Она бросилась к полицаю в серой немецкой пилотке, который стоял с карабином у плетня, но он уже не стрелял — опустил карабин прикладом к ноге, выругался, грубо отстранил ее и полез через перекладину в лазу на огород. Она не понимала его, как не понимала ничего, что здесь происходило. Семки нигде не было, и только когда полицай широко зашагал наискось по вспаханному огороду, она увидела запрокинутую голову сына, плечи и разбросанные в стороны руки: он недвижимо лежал на пахоте в трех шагах от буйно белевшего первым цветом вишенника.
Тогда она закричала и рухнула на пахнущий навозом двор, сознание огромной несправедливости сразило ее: как же могло случиться такое? Она билась головой о твердую, как бетон, утоптанную землю двора, колотила ее своими не по-женски большими кулаками, царапала, зайдясь, вся в безумном исступлении от такой непоправимой, дикой нелепости. Из этого состояния ее вырвал голос — знакомый и в то же время совершенно изменившийся голос ее старшего сына:
— Холуи продажные!
Все еще не поднимаясь с земли, она вскинула голову и сквозь слезы увидела, как. Дрозд и двое других полицаев вытолкали его из сеней и начали грубо крутить за спину руки, связывая их веревкой — концом, прихваченным у Дрозда.

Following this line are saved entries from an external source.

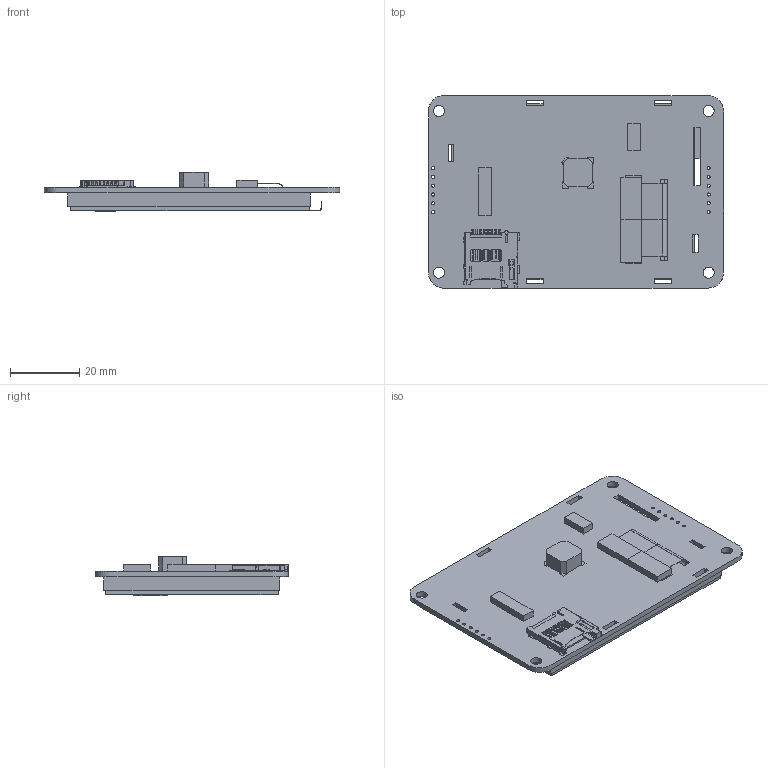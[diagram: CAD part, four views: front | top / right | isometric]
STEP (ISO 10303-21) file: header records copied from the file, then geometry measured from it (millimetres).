
FILE_DESCRIPTION(/* description */ (''),/* implementation_level */ '2;1');
FILE_NAME(/* name */ '',/* time_stamp */ '2023-05-27T17:12:21+08:00',/* author */ (''),/* organization */ (''),/* preprocessor_version */ 'ST-DEVELOPER v11',/* originating_system */ 'SIEMENS PLM Software NX 7.5',/* authorisation */ '');
FILE_SCHEMA (('AP203_CONFIGURATION_CONTROLLED_3D_DESIGN_OF_MECHANICAL_PARTS_AND_ASSEMBLIES_MIM_LF'));
Length unit declared in the file: millimetre
Products named in the file (1): SDWn028C23T
Bounding box: 85.2 x 55.71 x 11.31 mm (x, y, z)
Volume: 39226.2 mm3; surface area: 30785.5 mm2
Topology: 13 solids, 13 shells, 1290 faces, 3576 edges, 2329 vertices
Faces by surface type: plane 1022, cylinder 266, cone 1, extrusion 1
Full cylindrical faces by diameter (mm): 0.9 x12, 3.2 x4
Entity records: 41661 total; most frequent: CARTESIAN_POINT 7566, ORIENTED_EDGE 7118, DIRECTION 6570, EDGE_CURVE 3559, VECTOR 2916, LINE 2915, VERTEX_POINT 2329, AXIS2_PLACEMENT_3D 1827
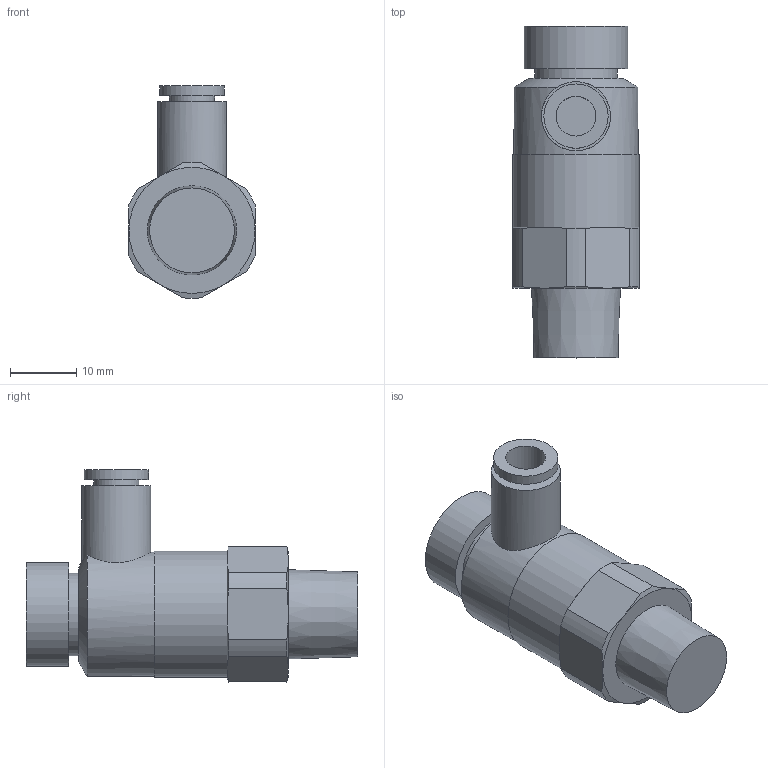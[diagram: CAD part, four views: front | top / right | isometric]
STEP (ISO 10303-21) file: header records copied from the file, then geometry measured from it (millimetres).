
FILE_DESCRIPTION(/* description */ ('STEP AP214'),/* implementation_level */ '2;1');
FILE_NAME(/* name */ 'AS3201F-02-06SA',/* time_stamp */ '2024-10-24T14:08:59+02:00',/* author */ ('License CC BY-ND 4.0'),/* organization */ ('CADENAS'),/* preprocessor_version */ 'ST-DEVELOPER v19.3',/* originating_system */ 'PARTsolutions',/* authorisation */ ' ');
FILE_SCHEMA (('AUTOMOTIVE_DESIGN {1 0 10303 214 3 1 1}'));
Length unit declared in the file: millimetre
Products named in the file (1): AS3201F-02-06SA
Bounding box: 19 x 50 x 32.04 mm (x, y, z)
Volume: 12467.8 mm3; surface area: 4125.3 mm2
Topology: 1 solids, 1 shells, 44 faces, 92 edges, 57 vertices
Faces by surface type: plane 16, cone 14, cylinder 14
Full cylindrical faces by diameter (mm): 6 x1, 6.79 x1, 9.7 x1, 10.4 x1, 12.45 x1, 15.6 x1, 18.7 x1, 19 x1
Entity records: 1170 total; most frequent: CARTESIAN_POINT 274, DIRECTION 184, ORIENTED_EDGE 158, AXIS2_PLACEMENT_3D 86, EDGE_CURVE 79, EDGE_LOOP 61, FACE_BOUND 61, VERTEX_POINT 54

— Бобики! Будет и на вас веревка!
— Молчать, щенок!
Полицай, что в брюках навыпуск, коротко и сильно двинул его коленом в живот. Алесь пошатнулся, но устоял, и она, совершенно уже теряя над собой власть, вскричала:
— Сыночек!
Но он даже не взглянул в ее сторону, лицо его было исполнено гнева и твердости, он вскинул ногу в ботинке и ударил ею полицая.
— Смерть Гитлеру!
— Ах так, щенок!
Дрозд сильно толкнул его прикладом, и он неуклюже, со связанными руками, упал спиной на камень у порога. Она бросилась к Дрозду и, хватая его за ноги в пыльных, вонючих сапогах, пыталась остановить, не дать бить сына. Но эти ноги ударили и отбросили ее саму, она перевернулась, захлебываясь от боли в груди.
— Ах так, щенок! — сказал Дрозд. — К стенке его!
Те двое сильно рванули сына за связанные руки, размашисто отбросили к истрескавшимся бревнам стены, и Дрозд вскинул свой карабин. Она снова подхватилась с места и на этот раз метнулась к сыну, но над головой ее грохнуло, оглушило. Алесь неестественно напрягся, губа его с едва заметным светлым пушком раза два дернулась, и голова беспомощно упала на грудь. Он сполз спиной по стене и в неестественной, скрюченной позе застыл над завалинкой. Тогда она поняла, как непростительно глупо казнила их и себя тоже, схватила у порога первое, что ей попало на глаза, — хворостину, которой выгоняла по утрам корову, и с небывалым ожесточением набросилась на Дрозда.
— Что ты наделал! Ирод! Выродок!
Она метила ею по голове и лицу полицая, но тот вобрал голову в плечи, заслонился локтем, и она била по ненавистному, с полосатой повязкой локтю, по пилотке, пока Дрозд окованным тяжелым прикладом не отбросил ее к тыну.
— Прочь, гадовка!
Оглушенная, она зашлась от боли и смолкла. Полицай приволок с огорода распластанное тело Семки, бросил его на дворе, задыхаясь, откашлялся и полез в карман за махоркой.
— А здорово ты его — под дых! — одобрительно сказал Дрозд.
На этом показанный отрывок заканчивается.